EXERCISE INSTRUCTIONS -> Give again, exactly as written, each line of the material below starting at the line that contains "#10456 = CARTESIAN_POINT" and ending at the line that contains "#21136 = CARTESIAN_POINT". Both ends count, and no other line does.
────
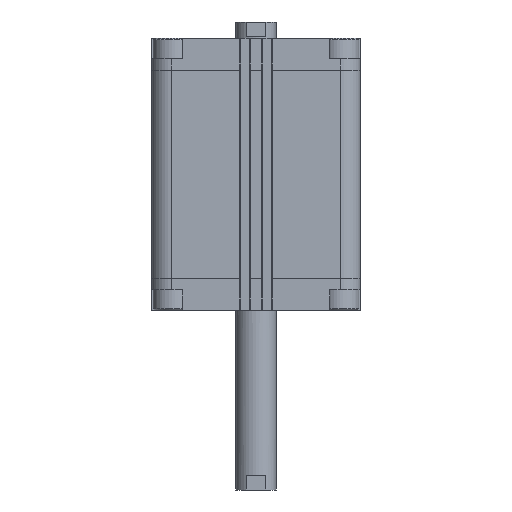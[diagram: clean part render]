
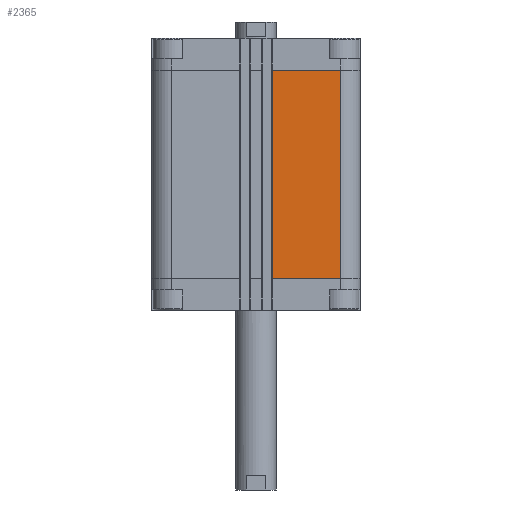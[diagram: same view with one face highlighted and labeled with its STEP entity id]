
A CAD part, front view. The second image highlights one B-rep face of the part: STEP entity #2365.
In plain terms, the highlighted planar face has unit normal (0, -1, 0).
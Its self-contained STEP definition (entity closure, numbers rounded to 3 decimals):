
#330 = DIRECTION ( 'NONE',  ( 1., 0., 0. ) ) ;
#445 = LINE ( 'NONE', #11852, #5995 ) ;
#815 = CARTESIAN_POINT ( 'NONE',  ( 9.95, -64., -19.5 ) ) ;
#1385 = VECTOR ( 'NONE', #9022, 1000. ) ;
#1887 = CARTESIAN_POINT ( 'NONE',  ( 9.95, -64., -147. ) ) ;
#2154 = EDGE_CURVE ( 'NONE', #21197, #2232, #445, .T. ) ;
#2232 = VERTEX_POINT ( 'NONE', #3235 ) ;
#2365 = ADVANCED_FACE ( 'NONE', ( #7524 ), #17303, .T. ) ;
#3235 = CARTESIAN_POINT ( 'NONE',  ( 51.5, -64., -147. ) ) ;
#5218 = EDGE_LOOP ( 'NONE', ( #18020, #12537, #7426, #6132 ) ) ;
#5603 = DIRECTION ( 'NONE',  ( -1., 0., 0. ) ) ;
#5995 = VECTOR ( 'NONE', #330, 1000. ) ;
#6132 = ORIENTED_EDGE ( 'NONE', *, *, #13931, .T. ) ;
#6215 = LINE ( 'NONE', #20487, #1385 ) ;
#6562 = VERTEX_POINT ( 'NONE', #21136 ) ;
#7421 = DIRECTION ( 'NONE',  ( 0., -1., 0. ) ) ;
#7426 = ORIENTED_EDGE ( 'NONE', *, *, #2154, .T. ) ;
#7524 = FACE_OUTER_BOUND ( 'NONE', #5218, .T. ) ;
#7968 = AXIS2_PLACEMENT_3D ( 'NONE', #10456, #7421, #5603 ) ;
#8557 = LINE ( 'NONE', #1887, #12967 ) ;
#9022 = DIRECTION ( 'NONE',  ( 0., 0., 1. ) ) ;
#10456 = CARTESIAN_POINT ( 'NONE',  ( 9.95, -64., -147. ) ) ;
#10510 = LINE ( 'NONE', #815, #20280 ) ;
#11237 = CARTESIAN_POINT ( 'NONE',  ( 9.95, -64., -147. ) ) ;
#11852 = CARTESIAN_POINT ( 'NONE',  ( 9.95, -64., -147. ) ) ;
#12120 = DIRECTION ( 'NONE',  ( 1., 0., 0. ) ) ;
#12205 = CARTESIAN_POINT ( 'NONE',  ( 51.5, -64., -19.5 ) ) ;
#12537 = ORIENTED_EDGE ( 'NONE', *, *, #19719, .F. ) ;
#12609 = VERTEX_POINT ( 'NONE', #12205 ) ;
#12967 = VECTOR ( 'NONE', #14790, 1000. ) ;
#13931 = EDGE_CURVE ( 'NONE', #2232, #12609, #6215, .T. ) ;
#14790 = DIRECTION ( 'NONE',  ( 0., 0., 1. ) ) ;
#17303 = PLANE ( 'NONE',  #7968 ) ;
#18002 = EDGE_CURVE ( 'NONE', #6562, #12609, #10510, .T. ) ;
#18020 = ORIENTED_EDGE ( 'NONE', *, *, #18002, .F. ) ;
#19719 = EDGE_CURVE ( 'NONE', #21197, #6562, #8557, .T. ) ;
#20280 = VECTOR ( 'NONE', #12120, 1000. ) ;
#20487 = CARTESIAN_POINT ( 'NONE',  ( 51.5, -64., -147. ) ) ;
#21136 = CARTESIAN_POINT ( 'NONE',  ( 9.95, -64., -19.5 ) ) ;
#21197 = VERTEX_POINT ( 'NONE', #11237 ) ;
────
EXPECTED ANSWER ->
#10456 = CARTESIAN_POINT ( 'NONE',  ( 9.95, -64., -147. ) ) ;
#10510 = LINE ( 'NONE', #815, #20280 ) ;
#11237 = CARTESIAN_POINT ( 'NONE',  ( 9.95, -64., -147. ) ) ;
#11852 = CARTESIAN_POINT ( 'NONE',  ( 9.95, -64., -147. ) ) ;
#12120 = DIRECTION ( 'NONE',  ( 1., 0., 0. ) ) ;
#12205 = CARTESIAN_POINT ( 'NONE',  ( 51.5, -64., -19.5 ) ) ;
#12537 = ORIENTED_EDGE ( 'NONE', *, *, #19719, .F. ) ;
#12609 = VERTEX_POINT ( 'NONE', #12205 ) ;
#12967 = VECTOR ( 'NONE', #14790, 1000. ) ;
#13931 = EDGE_CURVE ( 'NONE', #2232, #12609, #6215, .T. ) ;
#14790 = DIRECTION ( 'NONE',  ( 0., 0., 1. ) ) ;
#17303 = PLANE ( 'NONE',  #7968 ) ;
#18002 = EDGE_CURVE ( 'NONE', #6562, #12609, #10510, .T. ) ;
#18020 = ORIENTED_EDGE ( 'NONE', *, *, #18002, .F. ) ;
#19719 = EDGE_CURVE ( 'NONE', #21197, #6562, #8557, .T. ) ;
#20280 = VECTOR ( 'NONE', #12120, 1000. ) ;
#20487 = CARTESIAN_POINT ( 'NONE',  ( 51.5, -64., -147. ) ) ;
#21136 = CARTESIAN_POINT ( 'NONE',  ( 9.95, -64., -19.5 ) ) ;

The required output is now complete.